I have a close friend who has this timeshare and offered it to us.  My husband wants to go somewhere with beaches you can lay out at with some sort of covering, tents, umbrellas, etc.  Knowing nothing about this area will he get what he wants.  
Thanks


----------



## pittle (Feb 2, 2009)

There are palapas on the beach.  These provide some shade when you are laying out on the beach.  There are chairs &/or chaise lounges at each palapa.


----------



## wilsonfamily4 (Feb 2, 2009)

pittle said:


> There are palapas on the beach.  These provide some shade when you are laying out on the beach.  There are chairs &/or chaise lounges at each palapa.



Thank you!  you were fast to answer


----------



## agoldin (Feb 3, 2009)

pittle said:


> There are palapas on the beach.  These provide some shade when you are laying out on the beach.  There are chairs &/or chaise lounges at each palapa.

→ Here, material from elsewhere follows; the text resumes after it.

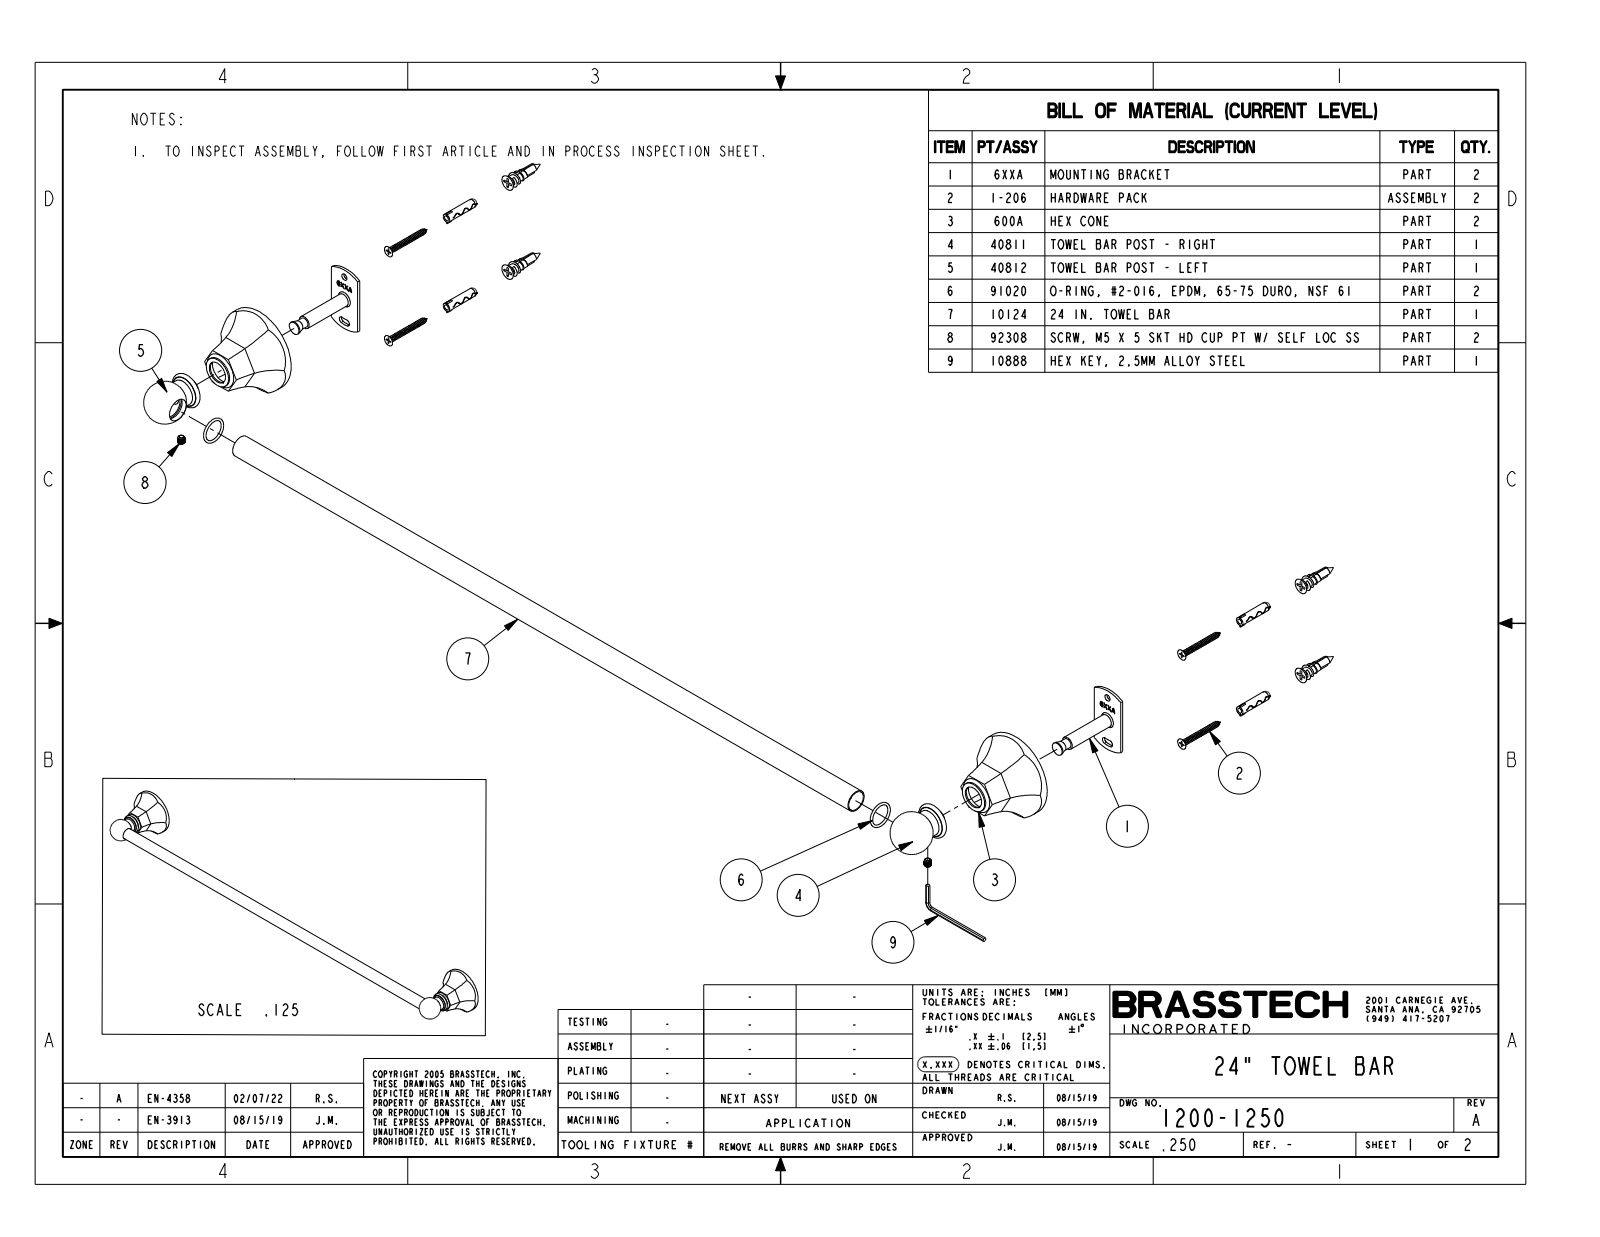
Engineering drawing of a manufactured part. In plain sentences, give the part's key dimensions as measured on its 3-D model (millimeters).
The part is named "1200-1250". Its 3-D file was written by "CREO PARAMETRIC BY PTC INC, 2018400 (AUTOMOTIVE_DESIGN)". It is 1 solid with 62 faces: 8 planar, 38 cylindrical and 16 other. Overall it measures 672.1 by 78.9 by 62.5 millimeters. Its volume is 266 100 cubic millimeters and its surface area 54 720 square millimeters. Round bosses or shafts: 2 of diameter 62.5, 2 of diameter 22, 2 of diameter 19.1, 1 of diameter 15.9. Partial cylindrical surfaces (rounded edges, fillets, slot ends): 10 of radius 33, 10 of radius 116.9. The main face-to-face distances are 38.5, 41.5, 3, 45, 6.5, 3.5.

But you better get out to the beach pretty early if you want to get one of those; when we were there, by 10am they were all occupied...!


----------



## Mimi39 (Feb 3, 2009)

I made an exchange with RCI last week and we don't go until Nov. 1. I e-mailed the concierge to find out about unit assignments, because we are seniors and my husband has a mobility issue. I got a prompt answer telling me to submit my request after Oct.1.  The e-mail address I used was: conciergerm@mayanpalace.com.mx

I do have a question -- does Walmart sell wine or is there a better place to buy some?


----------



## Miniwheat (Feb 4, 2009)

*Walmart*

Walmart does have a small selection of wine. We bought Gallo wines there for a reasonable price. There is a wine shop right across the street from Walmart, but we never tried it.


----------



## MLR (May 27, 2011)

*Was your request honored?*



Mimi39 said:


> I made an exchange with RCI last week and we don't go until Nov. 1. I e-mailed the concierge to find out about unit assignments, because we are seniors and my husband has a mobility issue. I got a prompt answer telling me to submit my request after Oct.1.  The e-mail address I used was: conciergerm@mayanpalace.com.mx
> 
> 
> HOPING SOMEONE SEES THIS - it is from an older post - wondering if their request was honored or if anyone knows an 'almost sure' way of getting a bldg closer to everything. One poster suggested a $20 tip :0)  Thanks all.....


----------



## Catira (May 27, 2011)

MLR said:


> Mimi39 said:
> 
> 
> > I made an exchange with RCI last week and we don't go until Nov. 1. I e-mailed the concierge to find out about unit assignments, because we are seniors and my husband has a mobility issue. I got a prompt answer telling me to submit my request after Oct.1.  The e-mail address I used was: conciergerm@mayanpalace.com.mx
> ...


----------



## MLR (May 27, 2011)

*Glad to see some new posts on this thread :0)*

Catira -  I would love it if you could send me a PM (or you may post here if you prefer) and tell me if it is worth a trip to Playa for groceries. 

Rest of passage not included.